Pero, ¿podemos crear una máquina que imite al cerebro humano y dotar a la IA de libre albedrío? Hay dos posturas encontradas: a) una que dice que es posible que funciones mentales como la consciencia o el libre albedrío se desarrollen de una forma no computable (no algorítmica) lo cual impide que con nuestro actual conocimiento podamos copiarlo. b) La otra opción es que no hay nada en el libre albedrío que no podamos copiar. Se ha llegado a proponer la versión “Test de Turing Moral” y se cree que los algoritmos actuales tienen menos problemas en superar este test ético que el “Turing” original. En ese caso la IA podrá tomar decisiones como nosotros, incluso mejor que nosotros.
En un buen artículo de Rebeca Yanke en El Mundo, reflexionaba el futurista alemán Gerd Leonhard: “necesitamos definir qué queremos ser y no qué podemos ser. Debemos ponernos de acuerdo acerca de cómo usar la tecnología para el bien común, y no únicamente para obtener beneficios y crecimiento. La IA, la manipulación del genoma, la nanotecnología y la ingeniería climática son las cuatro áreas de preocupación en las que puede darse una carrera armamentística que podría derivar en una situación insalvable”.
Surgen muchas cuestiones respecto a nuestro futuro tecnológico-humanista. Sabiendo que el proceso de decisión es programable, ¿quién decide lo que decide un algoritmo?, ¿qué ética debemos programar con supervisión y quiénes deben ser los responsables identificables que codifican la subrutina ética?
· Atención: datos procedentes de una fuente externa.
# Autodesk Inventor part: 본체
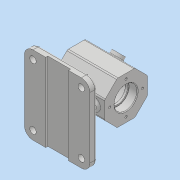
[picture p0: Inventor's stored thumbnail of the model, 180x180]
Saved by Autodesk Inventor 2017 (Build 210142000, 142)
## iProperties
Part Number: 본체
Material: 일반
Document SubType Name: Modeling
Designer: MRC
Density: 1 g/cm^3
Appearance: 기본값
Author: MRC
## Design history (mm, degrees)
sketch "스케치1"
  geometry: L1 (-35, 40)-(35, 40); L2 (35, 40)-(35, 16); L3 (35, 16)-(23, 16); L4 (23, 16)-(23, 14); L5 (23, 14)-(20, 14); L6 (20, 14)-(20, 25); L7 (20, 25)-(-20, 25); L8 (-20, 25)-(-20, 14); L9 (-20, 14)-(-23, 14); L10 (-23, 14)-(-23, 16); L11 (-23, 16)-(-35, 16); L12 (-35, 16)-(-35, 40); L13 (-35, 0)-(35, 0); 3 further points
  constraints: 26 end point, 10 perpendicular, 5 point on line, 3 midpoint, 2 vertical alignment, 1 horizontal
  dimensions: "d0" = 35 distance from line of point (0, 0) L12; "d1" = 35 distance from line of point (0, 0) L2; "d2" = 12 distance of L10.end L11.end; "d4" = 40 distance of L6.end L7.end; "d5" = 12 distance of L2.end L3.end; "d6" = 32 diameter of L11 L13; "d7" = 28 diameter of L9 L13; "d8" = 80 diameter of L1 L13; "d9" = 50 diameter of L7 L13
revolve "회전1" sketch "스케치1" stored, may be unused: angle "d10" = 90 deg
sketch "스케치2"
  geometry: L1 (30, 12.426)-(30, -12.426); L2 (30, -12.426)-(12.426, -30); L3 (12.426, -30)-(-12.426, -30); L4 (-12.426, -30)-(-30, -12.426); L5 (-30, -12.426)-(-30, 12.426); L6 (-30, 12.426)-(-12.426, 30); L7 (-12.426, 30)-(12.426, 30); L8 (12.426, 30)-(30, 12.426); 2 further points
  constraints: 16 end point, 1 coincident, 1 horizontal, 17 other
  dimensions: "d62" = 60 distance between parallel lines of L3 L7
extrude "돌출1" sketch "스케치2" stored distance "d12" = 0; taper "d13" = 0 deg
sketch "스케치4"
  geometry: L1 (-52, -55)-(-62, -55); L2 (-62, -55)-(-62, 55); L3 (-62, 55)-(-52, 55); L4 (-52, 55)-(-52, -55); 2 further points
  constraints: 8 end point, 2 parallel, 1 horizontal, 1 horizontal alignment, 1 midpoint, 1 perpendicular
  dimensions: "d26" = 62 distance from line of point (0, 0) L2; "d27" = 10 distance of L2.end L3.end; "d28" = 110 distance of L1.end L2.end
extrude "돌출2" join sketch "스케치4" stored distance "d29" = 92; taper "d30" = 0 deg
sketch "스케치5"
  geometry: L1 (26, 55)-(66, 55); L2 (26, 61)-(66, 61); L3 (66, 49)-(26, 49); A1 r 6 centre (26, 55) between (26, 61) and (26, 49); A2 r 6 centre (66, 55) between (66, 49) and (66, 61); 2 further points
  constraints: 8 end point, 4 point on circle, 4 tangent, 2 centre point, 1 coincident, 1 horizontal, 1 midpoint, 1 parallel
  dimensions: "d32" = 12 distance between parallel lines of L3 L2; "d97" = 40 distance of L1.start L1.end
extrude "돌출3" join sketch "스케치5" stored distance "d33" = 92; taper "d34" = 0 deg
fillet "모깎기1" dims "d35" = 12
sketch "스케치6"
  geometry: L1 (80, -98)-(80, -12) reference; L2 (68, -110)-(0, -110) reference; L3 (-12, -12)-(-12, -98) reference; L4 (68, 0)-(0, 0) reference; A1 r 12 centre (68, -12) between (80, -12) and (68, 0) reference; A2 r 12 centre (68, -98) between (68, -110) and (80, -98) reference; A3 r 12 centre (0, -98) between (-12, -98) and (0, -110) reference; A4 r 12 centre (0, -12) between (0, 0) and (-12, -12) reference; 5 further points
  constraints: 4 coincident
hole "구멍2" sketch "스케치6" at (0, -12), (68, -12), (68, -98), (0, -98) diameter "d36" = 9; stored, may be unused: countersink angle "d40" = 90 deg, drill point angle "d42" = 118 deg; dims "d37" = 8, "d38" = 4, "d39" = 2, "d41" = 10
sketch "스케치7"
  geometry: L1 (68, -10)-(0, -10) reference; L2 (18, -7)-(50, -7); L3 (50, -7)-(50, -10); L4 (50, -10)-(18, -10); L5 (18, -10)-(18, -7); L6 (18, -7)-(50, -10); L7 (50, -7)-(18, -10); 3 further points
  constraints: 12 end point, 3 midpoint, 2 parallel, 1 horizontal, 1 perpendicular, 1 point on line, 1 vertical alignment
  dimensions: "d43" = 32 distance of L2.start L2.end; "d44" = 3 distance of L2.end L3.end
extrude "돌출4" cut sketch "스케치7" stored distance "d45" = 92; taper "d46" = 0 deg
sketch "스케치11"
  geometry: 2 further points
  constraints: 1 vertical alignment
  dimensions: "d63" = 23 distance of point (30, 12.426) point (30, 35.426)
hole "구멍4" sketch "스케치11" at (30, 35.426) diameter "d64" = 3.242; stored, may be unused: countersink angle "d68" = 90 deg, drill point angle "d70" = 118 deg; dims "d65" = 8, "d66" = 4, "d67" = 2, "d69" = 10
sketch "스케치12"
  geometry: C1 r 8 at (35, -12.426); 1 further point
  constraints: 1 centre point, 1 coincident
  dimensions: "d74" = 16 diameter of C1
extrude "돌출6" join sketch "스케치12" distance "d75" = 5; taper "d76" = 0 deg
hole "구멍5" diameter "d79" = 8; stored, may be unused: countersink angle "d83" = 90 deg, drill point angle "d85" = 118 deg; dims "d77" = 10, "d78" = 10, "d80" = 8, "d81" = 4, "d82" = 2, "d84" = 18
sketch "스케치13"
  geometry: L1 (0, 42.426)-(0, 24.853) reference; L2 (0, 42.426)-(70, 42.426) reference; 2 further points
  constraints: 1 other
  dimensions: "d86" = 35 distance from line of L1 point (35, 12.426); "d87" = 30 distance from line of L2 point (35, 12.426)
feature "엠보싱1" sketch "스케치13" dims "d0" = 35, "d1" = 35, "d2" = 12, "d4" = 40, "d5" = 12, "d6" = 32, "d7" = 28, "d8" = 80, "d9" = 50, "d88" = 0.5, "d89" = 0
fillet "모깎기2" dims "d90" = 3
fillet "모깎기3" dims "d91" = 3
fillet "모깎기4" dims "d92" = 0.3
chamfer "모따기1" distance "d93" = 1; stored, may be unused: second distance "d94" = 2, angle "d95" = 45 deg
fillet "모깎기5" dims "d96" = 1
fillet "모깎기6" dims "d98" = 1
node "솔리드1"
pattern_circular "원형 패턴2" dims angle "d72" = 360 deg
mirror "미러2"
node "투영된 루프1"

Y si lo llevamos a los órganos de gobiernos de grupos empresariales, ¿podrá la IA tomar decisiones que comprometan la sostenibilidad de la compañía? ¿Podremos construir un sistema jurídico basado en IA neutra?
El Catedrático de Física Cuántica, José Ignacio Latorre, en su libro Ética para las máquinas nos descubre la Singularidad tecnológica: “si construimos Inteligencias Artificiales cada vez más potentes y autónomas, llegará un instante en que un algoritmo podrá mejorarse a sí mismo… Cada IA diseñará a la siguiente que será aún mejor que ella misma. Ese proceso iterativo seguirá avanzando de forma imparable hacia una inteligencia brutal”. Habremos alcanzado la Singularidad. Se habrá creado una Inteligencia Superior Única.
¿Dotaremos de libertad a las máquinas y aceptaremos sus decisiones aunque no las comprendamos? Creo que frente a un futuro dogmatismo calvinista de una Inteligencia Superior Única, solo nos queda recuperar la “Singularidad” de Sebastian Castellio, y como buenos conselieres, preservar la Libertad de Conciencia y no confiar nuestra humanidad solo a la algoritmia.